Some lines of these records may hold the word "family"; state how many, using only the number.

━━━━━━━━━━

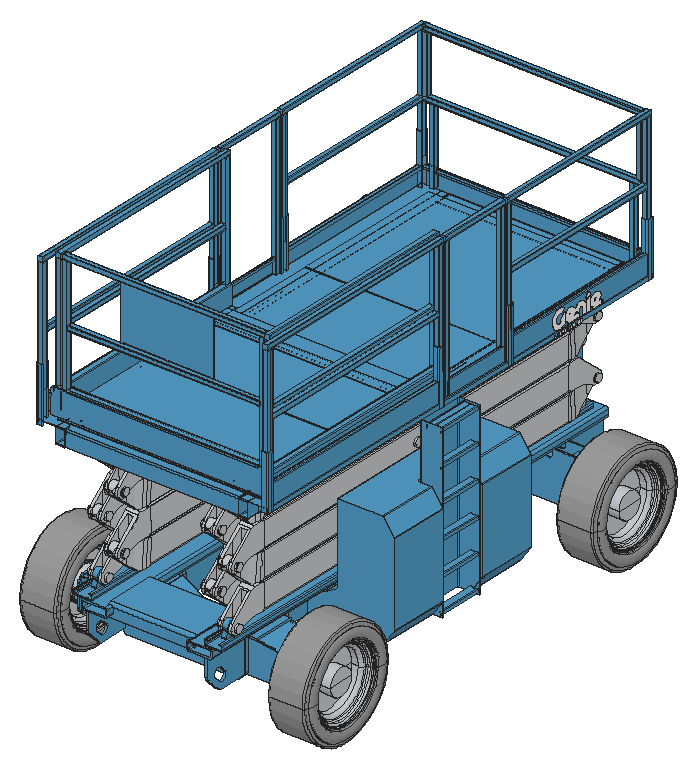
Revit family "Genie_Site_ScissorLift_GS4390_000", category Site, Revit 2017 (continued)
Definition of nested family "Basket"
  Forms (mm)
    Sweep 5, solid, material <- "Blue"
      profile origin (909.32, -1030.919, 1301.249) x (0, 0, -1) y (1, 0, 0)
        loop
          line (31.496, 0) -> (0, 0)
          arc (0, 0) -> (-2.335, -0.967) -> (-3.302, -3.302) r 3.302
          line (-3.302, -3.302) -> (-3.302, -34.798)
          arc (-3.302, -34.798) -> (-2.335, -37.133) -> (0, -38.1) r 3.302
          line (0, -38.1) -> (31.496, -38.1)
          arc (31.496, -38.1) -> (33.831, -37.133) -> (34.798, -34.798) r 3.302
          line (34.798, -34.798) -> (34.798, -3.302)
          arc (34.798, -3.302) -> (33.831, -0.967) -> (31.496, 0) r 3.302
    Sweep 6, solid, material <- "Blue"
      path in 3D
        loop
          line (908.05, 448.758, 1299.725) -> (908.05, -138.744, 1299.725)
      profile origin (908.05, 155.007, 1299.725) x (0, 0, -1) y (1, 0, 0)
        loop
          line (28.448, 0) -> (0, 0)
          arc (0, 0) -> (-3.412, -1.414) -> (-4.826, -4.826) r 4.826
          line (-4.826, -4.826) -> (-4.826, -33.274)
          arc (-4.826, -33.274) -> (-3.412, -36.686) -> (0, -38.1) r 4.826
          line (0, -38.1) -> (28.448, -38.1)
          arc (28.448, -38.1) -> (31.86, -36.686) -> (33.274, -33.274) r 4.826
          line (33.274, -33.274) -> (33.274, -4.826)
          arc (33.274, -4.826) -> (31.86, -1.414) -> (28.448, 0) r 4.826
    Sweep 7, solid, material <- "Blue"
      path in 3D
        loop
          line (906.272, 1895.034, 1301.386) -> (906.272, 475.682, 1301.386)
      profile origin (906.272, 1185.358, 1301.386) x (0, 0, -1) y (1, 0, 0)
        loop
          line (31.496, 0) -> (0, 0)
          arc (0, 0) -> (-2.335, -0.967) -> (-3.302, -3.302) r 3.302
          line (-3.302, -3.302) -> (-3.302, -34.798)
          arc (-3.302, -34.798) -> (-2.335, -37.133) -> (0, -38.1) r 3.302
          line (0, -38.1) -> (31.496, -38.1)
          arc (31.496, -38.1) -> (33.831, -37.133) -> (34.798, -34.798) r 3.302
          line (34.798, -34.798) -> (34.798, -3.302)
          arc (34.798, -3.302) -> (33.831, -0.967) -> (31.496, 0) r 3.302
    Sweep 8, solid, material <- "Blue"
      path in 3D
        loop
          line (-865.124, 1891.478, 1298.846) -> (862.076, 1891.478, 1298.846)
      profile origin (-1.524, 1891.478, 1298.846) x (0, 0, -1) y (0, 1, 0)
        loop
          line (31.496, 0) -> (0, 0)
          arc (0, 0) -> (-2.335, -0.967) -> (-3.302, -3.302) r 3.302
          line (-3.302, -3.302) -> (-3.302, -34.798)
          arc (-3.302, -34.798) -> (-2.335, -37.133) -> (0, -38.1) r 3.302
          line (0, -38.1) -> (31.496, -38.1)
          arc (31.496, -38.1) -> (33.831, -37.133) -> (34.798, -34.798) r 3.302
          line (34.798, -34.798) -> (34.798, -3.302)
          arc (34.798, -3.302) -> (33.831, -0.967) -> (31.496, 0) r 3.302
    Sweep 9, solid, material <- "Blue"
      path in 3D
        loop
          line (909.32, -1894.392, 364.751) -> (909.32, -1894.392, 1266.451)
      profile origin (909.32, -1894.392, 815.601) x (0, -1, 0) y (1, 0, 0)
        loop
          line (0, 0) -> (-31.496, 0)
          arc (-31.496, 0) -> (-33.831, -0.967) -> (-34.798, -3.302) r 3.302
          line (-34.798, -3.302) -> (-34.798, -34.798)
          arc (-34.798, -34.798) -> (-33.831, -37.133) -> (-31.496, -38.1) r 3.302
          line (-31.496, -38.1) -> (0, -38.1)
          arc (0, -38.1) -> (2.335, -37.133) -> (3.302, -34.798) r 3.302
          line (3.302, -34.798) -> (3.302, -3.302)
          arc (3.302, -3.302) -> (2.335, -0.967) -> (0, 0) r 3.302
        loop
          line (-1695.45, 0) -> (-1726.946, 0)
          arc (-1726.946, 0) -> (-1729.281, -0.967) -> (-1730.248, -3.302) r 3.302
          line (-1730.248, -3.302) -> (-1730.248, -34.798)
          arc (-1730.248, -34.798) -> (-1729.281, -37.133) -> (-1726.946, -38.1) r 3.302
          line (-1726.946, -38.1) -> (-1695.45, -38.1)
          arc (-1695.45, -38.1) -> (-1693.115, -37.133) -> (-1692.148, -34.798) r 3.302
          line (-1692.148, -34.798) -> (-1692.148, -3.302)
          arc (-1692.148, -3.302) -> (-1693.115, -0.967) -> (-1695.45, 0) r 3.302
        loop
          line (-2373.376, -3.048) -> (-2404.872, -3.048)
          arc (-2404.872, -3.048) -> (-2407.207, -4.015) -> (-2408.174, -6.35) r 3.302
          line (-2408.174, -6.35) -> (-2408.174, -37.846)
          arc (-2408.174, -37.846) -> (-2407.207, -40.181) -> (-2404.872, -41.148) r 3.302
          line (-2404.872, -41.148) -> (-2373.376, -41.148)
          arc (-2373.376, -41.148) -> (-2371.041, -40.181) -> (-2370.074, -37.846) r 3.302
          line (-2370.074, -37.846) -> (-2370.074, -6.35)
          arc (-2370.074, -6.35) -> (-2371.041, -4.015) -> (-2373.376, -3.048) r 3.302
        loop
          line (-3754.628, -3.048) -> (-3786.124, -3.048)
          arc (-3786.124, -3.048) -> (-3788.459, -4.015) -> (-3789.426, -6.35) r 3.302
          line (-3789.426, -6.35) -> (-3789.426, -37.846)
          arc (-3789.426, -37.846) -> (-3788.459, -40.181) -> (-3786.124, -41.148) r 3.302
          line (-3786.124, -41.148) -> (-3754.628, -41.148)
          arc (-3754.628, -41.148) -> (-3752.293, -40.181) -> (-3751.326, -37.846) r 3.302
          line (-3751.326, -37.846) -> (-3751.326, -6.35)
          arc (-3751.326, -6.35) -> (-3752.293, -4.015) -> (-3754.628, -3.048) r 3.302
        loop
          arc (-3786.124, -1780.54) -> (-3788.459, -1781.507) -> (-3789.426, -1783.842) r 3.302
          line (-3789.426, -1783.842) -> (-3789.426, -1815.338)
          arc (-3789.426, -1815.338) -> (-3788.459, -1817.673) -> (-3786.124, -1818.64) r 3.302
          line (-3786.124, -1818.64) -> (-3754.628, -1818.64)
          arc (-3754.628, -1818.64) -> (-3752.293, -1817.673) -> (-3751.326, -1815.338) r 3.302
          line (-3751.326, -1815.338) -> (-3751.326, -1783.842)
          arc (-3751.326, -1783.842) -> (-3752.293, -1781.507) -> (-3754.628, -1780.54) r 3.302
          line (-3754.628, -1780.54) -> (-3786.124, -1780.54)
        loop
          arc (-2404.872, -1780.54) -> (-2407.207, -1781.507) -> (-2408.174, -1783.842) r 3.302
          line (-2408.174, -1783.842) -> (-2408.174, -1815.338)
          arc (-2408.174, -1815.338) -> (-2407.207, -1817.673) -> (-2404.872, -1818.64) r 3.302
          line (-2404.872, -1818.64) -> (-2373.376, -1818.64)
          arc (-2373.376, -1818.64) -> (-2371.041, -1817.673) -> (-2370.074, -1815.338) r 3.302
          line (-2370.074, -1815.338) -> (-2370.074, -1783.842)
          arc (-2370.074, -1783.842) -> (-2371.041, -1781.507) -> (-2373.376, -1780.54) r 3.302
          line (-2373.376, -1780.54) -> (-2404.872, -1780.54)
        loop
          arc (-1726.946, -1779.27) -> (-1729.281, -1780.237) -> (-1730.248, -1782.572) r 3.302
          line (-1730.248, -1782.572) -> (-1730.248, -1814.068)
          arc (-1730.248, -1814.068) -> (-1729.281, -1816.403) -> (-1726.946, -1817.37) r 3.302
          line (-1726.946, -1817.37) -> (-1695.45, -1817.37)
          arc (-1695.45, -1817.37) -> (-1693.115, -1816.403) -> (-1692.148, -1814.068) r 3.302
          line (-1692.148, -1814.068) -> (-1692.148, -1782.572)
          arc (-1692.148, -1782.572) -> (-1693.115, -1780.237) -> (-1695.45, -1779.27) r 3.302
          line (-1695.45, -1779.27) -> (-1726.946, -1779.27)
        loop
          arc (-31.496, -1779.27) -> (-33.831, -1780.237) -> (-34.798, -1782.572) r 3.302
          line (-34.798, -1782.572) -> (-34.798, -1814.068)
          arc (-34.798, -1814.068) -> (-33.831, -1816.403) -> (-31.496, -1817.37) r 3.302
          line (-31.496, -1817.37) -> (0, -1817.37)
          arc (0, -1817.37) -> (2.335, -1816.403) -> (3.302, -1814.068) r 3.302
          line (3.302, -1814.068) -> (3.302, -1782.572)
          arc (3.302, -1782.572) -> (2.335, -1780.237) -> (0, -1779.27) r 3.302
          line (0, -1779.27) -> (-31.496, -1779.27)
    Sweep 10, solid, material <- "Blue"
      path in 3D
        loop
          line (-869.95, -135.442, 167.901) -> (-869.95, -135.442, 1266.451)
      profile origin (-869.95, -135.442, 717.176) x (0, -1, 0) y (1, 0, 0)
        loop
          line (0, 0) -> (-31.496, 0)
          arc (-31.496, 0) -> (-33.831, -0.967) -> (-34.798, -3.302) r 3.302
          line (-34.798, -3.302) -> (-34.798, -34.798)
          arc (-34.798, -34.798) -> (-33.831, -37.133) -> (-31.496, -38.1) r 3.302
          line (-31.496, -38.1) -> (0, -38.1)
          arc (0, -38.1) -> (2.335, -37.133) -> (3.302, -34.798) r 3.302
          line (3.302, -34.798) -> (3.302, -3.302)
          arc (3.302, -3.302) -> (2.335, -0.967) -> (0, 0) r 3.302
        loop
          line (-549.402, 0) -> (-580.898, 0)
          arc (-580.898, 0) -> (-583.233, -0.967) -> (-584.2, -3.302) r 3.302
          line (-584.2, -3.302) -> (-584.2, -34.798)
          arc (-584.2, -34.798) -> (-583.233, -37.133) -> (-580.898, -38.1) r 3.302
          line (-580.898, -38.1) -> (-549.402, -38.1)
          arc (-549.402, -38.1) -> (-547.067, -37.133) -> (-546.1, -34.798) r 3.302
          line (-546.1, -34.798) -> (-546.1, -3.302)
          arc (-546.1, -3.302) -> (-547.067, -0.967) -> (-549.402, 0) r 3.302
        loop
          line (-549.402, 1778) -> (-580.898, 1778)
          arc (-580.898, 1778) -> (-583.233, 1777.033) -> (-584.2, 1774.698) r 3.302
          line (-584.2, 1774.698) -> (-584.2, 1743.202)
          arc (-584.2, 1743.202) -> (-583.233, 1740.867) -> (-580.898, 1739.9) r 3.302
          line (-580.898, 1739.9) -> (-549.402, 1739.9)
          arc (-549.402, 1739.9) -> (-547.067, 1740.867) -> (-546.1, 1743.202) r 3.302
          line (-546.1, 1743.202) -> (-546.1, 1774.698)
          arc (-546.1, 1774.698) -> (-547.067, 1777.033) -> (-549.402, 1778) r 3.302
        loop
          line (0, 1778) -> (-31.496, 1778)
          arc (-31.496, 1778) -> (-33.831, 1777.033) -> (-34.798, 1774.698) r 3.302
          line (-34.798, 1774.698) -> (-34.798, 1743.202)
          arc (-34.798, 1743.202) -> (-33.831, 1740.867) -> (-31.496, 1739.9) r 3.302
          line (-31.496, 1739.9) -> (0, 1739.9)
          arc (0, 1739.9) -> (2.335, 1740.867) -> (3.302, 1743.202) r 3.302
          line (3.302, 1743.202) -> (3.302, 1774.698)
          arc (3.302, 1774.698) -> (2.335, 1777.033) -> (0, 1778) r 3.302
    Sweep 11, solid, material <- "Blue"
      path in 3D
        loop
          line (-869.95, -202.244, 793.249) -> (-869.95, -1859.594, 793.249)
      profile origin (-869.95, -1030.919, 793.249) x (0, 0, -1) y (1, 0, 0)
        loop
          arc (0, 0) -> (-2.335, -0.967) -> (-3.302, -3.302) r 3.302
          line (-3.302, -3.302) -> (-3.302, -34.798)
          arc (-3.302, -34.798) -> (-2.335, -37.133) -> (0, -38.1) r 3.302
          line (0, -38.1) -> (31.496, -38.1)
          arc (31.496, -38.1) -> (33.831, -37.133) -> (34.798, -34.798) r 3.302
          line (34.798, -34.798) -> (34.798, -3.302)
          arc (34.798, -3.302) -> (33.831, -0.967) -> (31.496, 0) r 3.302
          line (31.496, 0) -> (0, 0)
        loop
          arc (0, 1779.27) -> (-2.335, 1778.303) -> (-3.302, 1775.968) r 3.302
          line (-3.302, 1775.968) -> (-3.302, 1744.472)
          arc (-3.302, 1744.472) -> (-2.335, 1742.137) -> (0, 1741.17) r 3.302
          line (0, 1741.17) -> (31.496, 1741.17)
          arc (31.496, 1741.17) -> (33.831, 1742.137) -> (34.798, 1744.472) r 3.302
          line (34.798, 1744.472) -> (34.798, 1775.968)
          arc (34.798, 1775.968) -> (33.831, 1778.303) -> (31.496, 1779.27) r 3.302
          line (31.496, 1779.27) -> (0, 1779.27)
    Sweep 12, solid, material <- "Blue"
      path in 3D
        loop
          line (906.272, 1856.934, 793.386) -> (906.272, 513.782, 793.386)
      profile origin (906.272, 1185.358, 793.386) x (0, 0, -1) y (1, 0, 0)
        loop
          line (31.496, 0) -> (0, 0)
          arc (0, 0) -> (-2.335, -0.967) -> (-3.302, -3.302) r 3.302
          line (-3.302, -3.302) -> (-3.302, -34.798)
          arc (-3.302, -34.798) -> (-2.335, -37.133) -> (0, -38.1) r 3.302
          line (0, -38.1) -> (31.496, -38.1)
          arc (31.496, -38.1) -> (33.831, -37.133) -> (34.798, -34.798) r 3.302
          line (34.798, -34.798) -> (34.798, -3.302)
          arc (34.798, -3.302) -> (33.831, -0.967) -> (31.496, 0) r 3.302
        loop
          line (31.496, -1777.492) -> (0, -1777.492)
          arc (0, -1777.492) -> (-2.335, -1778.459) -> (-3.302, -1780.794) r 3.302
          line (-3.302, -1780.794) -> (-3.302, -1812.29)
          arc (-3.302, -1812.29) -> (-2.335, -1814.625) -> (0, -1815.592) r 3.302
          line (0, -1815.592) -> (31.496, -1815.592)
          arc (31.496, -1815.592) -> (33.831, -1814.625) -> (34.798, -1812.29) r 3.302
          line (34.798, -1812.29) -> (34.798, -1780.794)
          arc (34.798, -1780.794) -> (33.831, -1778.459) -> (31.496, -1777.492) r 3.302
    Sweep 13, solid, material <- "Blue"
      path in 3D
        loop
          line (862.076, 1853.378, 803.546) -> (-865.124, 1853.378, 803.546)
      profile origin (-1.524, 1853.378, 803.546) x (0, 0, -1) y (0, -1, 0)
        loop
          arc (0, 0) -> (-2.335, -0.967) -> (-3.302, -3.302) r 3.302
          line (-3.302, -3.302) -> (-3.302, -34.798)
          arc (-3.302, -34.798) -> (-2.335, -37.133) -> (0, -38.1) r 3.302
          line (0, -38.1) -> (31.496, -38.1)
          arc (31.496, -38.1) -> (33.831, -37.133) -> (34.798, -34.798) r 3.302
          line (34.798, -34.798) -> (34.798, -3.302)
          arc (34.798, -3.302) -> (33.831, -0.967) -> (31.496, 0) r 3.302
          line (31.496, 0) -> (0, 0)
    Sweep 14, solid, material <- "Blue"
      path in 3D
        loop
          line (823.976, 1888.176, 1264.048) -> (823.976, 1888.176, 806.848)
      profile origin (823.976, 1888.176, 1035.448) x (-1, 0, 0) y (0, -1, 0)
        loop
          arc (0, 31.496) -> (-0.967, 33.831) -> (-3.302, 34.798) r 3.302
          line (-3.302, 34.798) -> (-34.798, 34.798)
          arc (-34.798, 34.798) -> (-37.133, 33.831) -> (-38.1, 31.496) r 3.302
          line (-38.1, 31.496) -> (-38.1, 0)
          arc (-38.1, 0) -> (-37.133, -2.335) -> (-34.798, -3.302) r 3.302
          line (-34.798, -3.302) -> (-3.302, -3.302)
          arc (-3.302, -3.302) -> (-0.967, -2.335) -> (0, 0) r 3.302
          line (0, 0) -> (0, 31.496)
        loop
          arc (1685.798, -3.302) -> (1688.133, -2.335) -> (1689.1, 0) r 3.302
          line (1689.1, 0) -> (1689.1, 31.496)
          arc (1689.1, 31.496) -> (1688.133, 33.831) -> (1685.798, 34.798) r 3.302
          line (1685.798, 34.798) -> (1654.302, 34.798)
          arc (1654.302, 34.798) -> (1651.967, 33.831) -> (1651, 31.496) r 3.302
          line (1651, 31.496) -> (1651, 0)
          arc (1651, 0) -> (1651.967, -2.335) -> (1654.302, -3.302) r 3.302
          line (1654.302, -3.302) -> (1685.798, -3.302)
    Sweep 15, solid, material <- "Blue"
      path in 3D
        loop
          line (-808.482, 1891.478, 171.848) -> (-808.482, 1891.478, 768.748)
      profile origin (-808.482, 1891.478, 470.298) x (1, 0, 0) y (0, 1, 0)
        loop
          line (31.496, 0) -> (0, 0)
          arc (0, 0) -> (-2.335, -0.967) -> (-3.302, -3.302) r 3.302
          line (-3.302, -3.302) -> (-3.302, -34.798)
          arc (-3.302, -34.798) -> (-2.335, -37.133) -> (0, -38.1) r 3.302
          line (0, -38.1) -> (31.496, -38.1)
          arc (31.496, -38.1) -> (33.831, -37.133) -> (34.798, -34.798) r 3.302
          line (34.798, -34.798) -> (34.798, -3.302)
          arc (34.798, -3.302) -> (33.831, -0.967) -> (31.496, 0) r 3.302
        loop
          line (1613.916, 0) -> (1582.42, 0)
          arc (1582.42, 0) -> (1580.085, -0.967) -> (1579.118, -3.302) r 3.302
          line (1579.118, -3.302) -> (1579.118, -34.798)
          arc (1579.118, -34.798) -> (1580.085, -37.133) -> (1582.42, -38.1) r 3.302
          line (1582.42, -38.1) -> (1613.916, -38.1)
          arc (1613.916, -38.1) -> (1616.251, -37.133) -> (1617.218, -34.798) r 3.302
          line (1617.218, -34.798) -> (1617.218, -3.302)
          arc (1617.218, -3.302) -> (1616.251, -0.967) -> (1613.916, 0) r 3.302
    Sweep 16, solid, material <- "Blue"
      path in 3D
        loop
          line (800.471, 608.169, 152.153) -> (800.471, 608.169, 155.328)
      profile origin (800.471, 608.169, 153.741) x (1, 0, 0) y (0, 1, 0)
        loop
          line (0, 0) -> (-1601.216, 0) -> (-1601.216, -1219.2) -> (0, -1219.2) -> (0, 0)
        loop
          line (0, 5.182) -> (0, 1224.382) -> (-1601.216, 1224.382) -> (-1601.216, 5.182) -> (0, 5.182)
        loop
          line (0, -2443.378) -> (0, -1224.178) -> (-1601.216, -1224.178) -> (-1601.216, -2443.378) -> (0, -2443.378)
    Sweep 17, solid, material <- "Blue"
      path in 3D
        loop
          line (-910.707, -119.694, 167.901) -> (-910.707, 429.708, 167.901)
      profile origin (-910.707, 155.007, 167.901) x (0, 0, -1) y (-1, 0, 0)
        loop
          line (0, 0) -> (-101.62, 0)
          arc (-101.62, 0) -> (-105.378, -1.556) -> (-106.934, -5.314) r 5.314
          line (-106.934, -5.314) -> (-106.934, -20.086)
          arc (-106.934, -20.086) -> (-105.378, -23.844) -> (-101.62, -25.4) r 5.314
          line (-101.62, -25.4) -> (-87.884, -25.4) -> (-87.884, -22.743) -> (-101.62, -22.743)
          arc (-101.62, -22.743) -> (-103.499, -21.965) -> (-104.277, -20.086) r 2.657
          line (-104.277, -20.086) -> (-104.277, -5.314)
          arc (-104.277, -5.314) -> (-103.499, -3.435) -> (-101.62, -2.657) r 2.657
          line (-101.62, -2.657) -> (0, -2.657) -> (0, 0)
        loop
          line (0, -1821.414) -> (0, -1818.757) -> (-101.62, -1818.757)
          arc (-101.62, -1818.757) -> (-103.499, -1817.979) -> (-104.277, -1816.1) r 2.657
          line (-104.277, -1816.1) -> (-104.277, -1801.327)
          arc (-104.277, -1801.327) -> (-103.499, -1799.449) -> (-101.62, -1798.671) r 2.657
          line (-101.62, -1798.671) -> (-87.884, -1798.671) -> (-87.884, -1796.014) -> (-101.62, -1796.014)
          arc (-101.62, -1796.014) -> (-105.378, -1797.57) -> (-106.934, -1801.327) r 5.314
          line (-106.934, -1801.327) -> (-106.934, -1816.1)
          arc (-106.934, -1816.1) -> (-105.378, -1819.857) -> (-101.62, -1821.414) r 5.314
          line (-101.62, -1821.414) -> (0, -1821.414)
    Sweep 18, solid, material <- "Blue"
      path in 3D
        loop
          line (755.904, -1906.33, 22.496) -> (755.904, 1903.67, 22.496)
      profile origin (755.904, -1.33, 22.496) x (1, 0, 0) y (0, 0, -1)
        loop
          arc (-64.008, 0) -> (-68.319, -1.785) -> (-70.104, -6.096) r 6.096
          line (-70.104, -6.096) -> (-70.104, -120.904)
          arc (-70.104, -120.904) -> (-68.319, -125.215) -> (-64.008, -127) r 6.096
          line (-64.008, -127) -> (0, -127)
          arc (0, -127) -> (4.311, -125.215) -> (6.096, -120.904) r 6.096
          line (6.096, -120.904) -> (6.096, -6.096)
          arc (6.096, -6.096) -> (4.311, -1.785) -> (0, 0) r 6.096
          line (0, 0) -> (-64.008, 0)
        loop
          line (0, -3.048) -> (-64.008, -3.048)
          arc (-64.008, -3.048) -> (-66.163, -3.941) -> (-67.056, -6.096) r 3.048
          line (-67.056, -6.096) -> (-67.056, -120.904)
          arc (-67.056, -120.904) -> (-66.163, -123.059) -> (-64.008, -123.952) r 3.048
          line (-64.008, -123.952) -> (0, -123.952)
          arc (0, -123.952) -> (2.155, -123.059) -> (3.048, -120.904) r 3.048
          line (3.048, -120.904) -> (3.048, -6.096)
          arc (3.048, -6.096) -> (2.155, -3.941) -> (0, -3.048) r 3.048
        loop
          line (-1447.8, -3.048) -> (-1511.808, -3.048)
          arc (-1511.808, -3.048) -> (-1513.963, -3.941) -> (-1514.856, -6.096) r 3.048
          line (-1514.856, -6.096) -> (-1514.856, -120.904)
          arc (-1514.856, -120.904) -> (-1513.963, -123.059) -> (-1511.808, -123.952) r 3.048
          line (-1511.808, -123.952) -> (-1447.8, -123.952)
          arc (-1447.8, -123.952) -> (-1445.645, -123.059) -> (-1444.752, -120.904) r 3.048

━━━━━━━━━━

### RESULT OF THIS EXERCISE:
2